= The Body Silent =

The Body Silent is a personal narrative written by Robert Murphy, a professor at Columbia University. This piece is a narrative of personal struggle through a spinal condition, published in 1987 by Henry Holt and Company, Inc. He uses this narrative to tell his journey through a deteriorating spinal condition leading to paraplegia. He was diagnosed with a tumor extending from his second cervical vertebra to the eighth thoracic vertebra in 1972. Through his narrative he tells his medical history and how the diagnosis of old medicine (late 1920s) knew very little about neurology, and left undetected problems which created a new issue in his 50s. As an anthropology professor at Columbia University, he applies his field to his medical journey. "This book was conceived in the realization that my long illness with a disease of the spinal cord has been a kind of extended anthropological field trip, for through it I have sojourned in a social world no less strange to me at first than those of the Amazon forests. And since it is the duty of all anthropologists to report on their travels . . . this is my accounting." Due to funded research of his medical experiences and conditions, he provides the readers with a description and explanation of what he deals with, plus a constant discussion of future possibility and his mindset throughout.

==Production==
The National Science Foundation funded production of the book, and it was published by Holt.

==Genre==
Metapathography pieces are not stories and tales of sickness, but a professional self-analysis and in-depth writing of ones personal state.
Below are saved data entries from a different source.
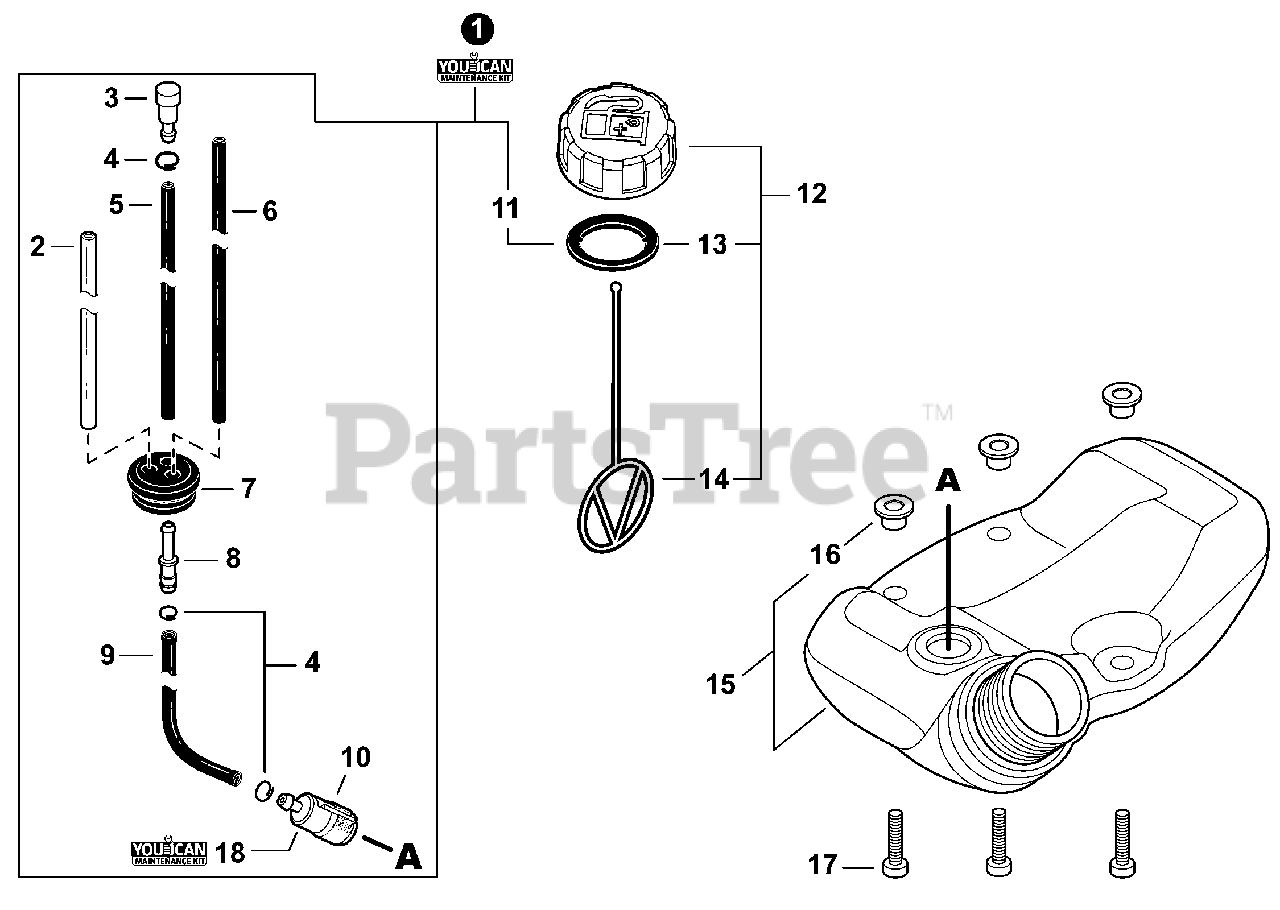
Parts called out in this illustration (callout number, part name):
1	FUEL SYSTEM KIT - YOUCAN™
2	PIPE, FUEL 3×6×80 CLEAR
3	VENT ASSY
4	CLIP Ø6
5	PIPE, FUEL 3×5×90 BLACK
6	PIPE, FUEL 3×5×74 BLACK
7	GROMMET, FUEL Ø5
8	CONNECTOR, PIPE Ø5ר3.5
9	PIPE, FUEL 3×5×130 BLACK
10	FILTER, FUEL
11	GASKET, FUEL CAP
12	CAP ASSY, FUEL
13	GASKET, FUEL CAP
14	CONNECTOR, CAP L= 123
15	TANK ASSY, FUEL
16	COLLAR 5
17	BOLT, TORX 5×20
18	TUNE-UP KIT - YOUCAN™

Although metapathography is not a classified genre, other authors and professionals who reviewed his material defined it set aside from a personal narrative, due to his thorough analysis of mental and physical condition.

==Biography==

Robert Murphy was born on March 3, 1924, in Far Rockaway, New York. He was studious and became a distinguished anthropologist and professor of anthropology at Columbia University in New York City, from the early 1960s to 1990. He studied many different cultures across the globe, such as the Mundurucu of the Amazon and tribes in the Sahara. At the age of 66, he died in his home in Leonia, New Jersey.

===Medical History===
In 1928, Murphy lost the use of his leg. A house doctor diagnosed him with "a touch of rheumatism" which took him two weeks to recover from. Murphy began to experience muscle spasms in his anus, and in his lower abdomen in 1972, and soon had trouble urinating. He was then diagnosed with an anal fissure, meaning of a slight break in the muscle. After a few years of symptoms, he visited a neurologist and was diagnosed with a benign but slowly growing tumor in the upper part of his spinal cord. Within two years his central nervous system was severely damaged, and he lost control of most bodily functions.

==Awards==
In 1987, the book was awarded the Columbia University's Lionel Trilling Award.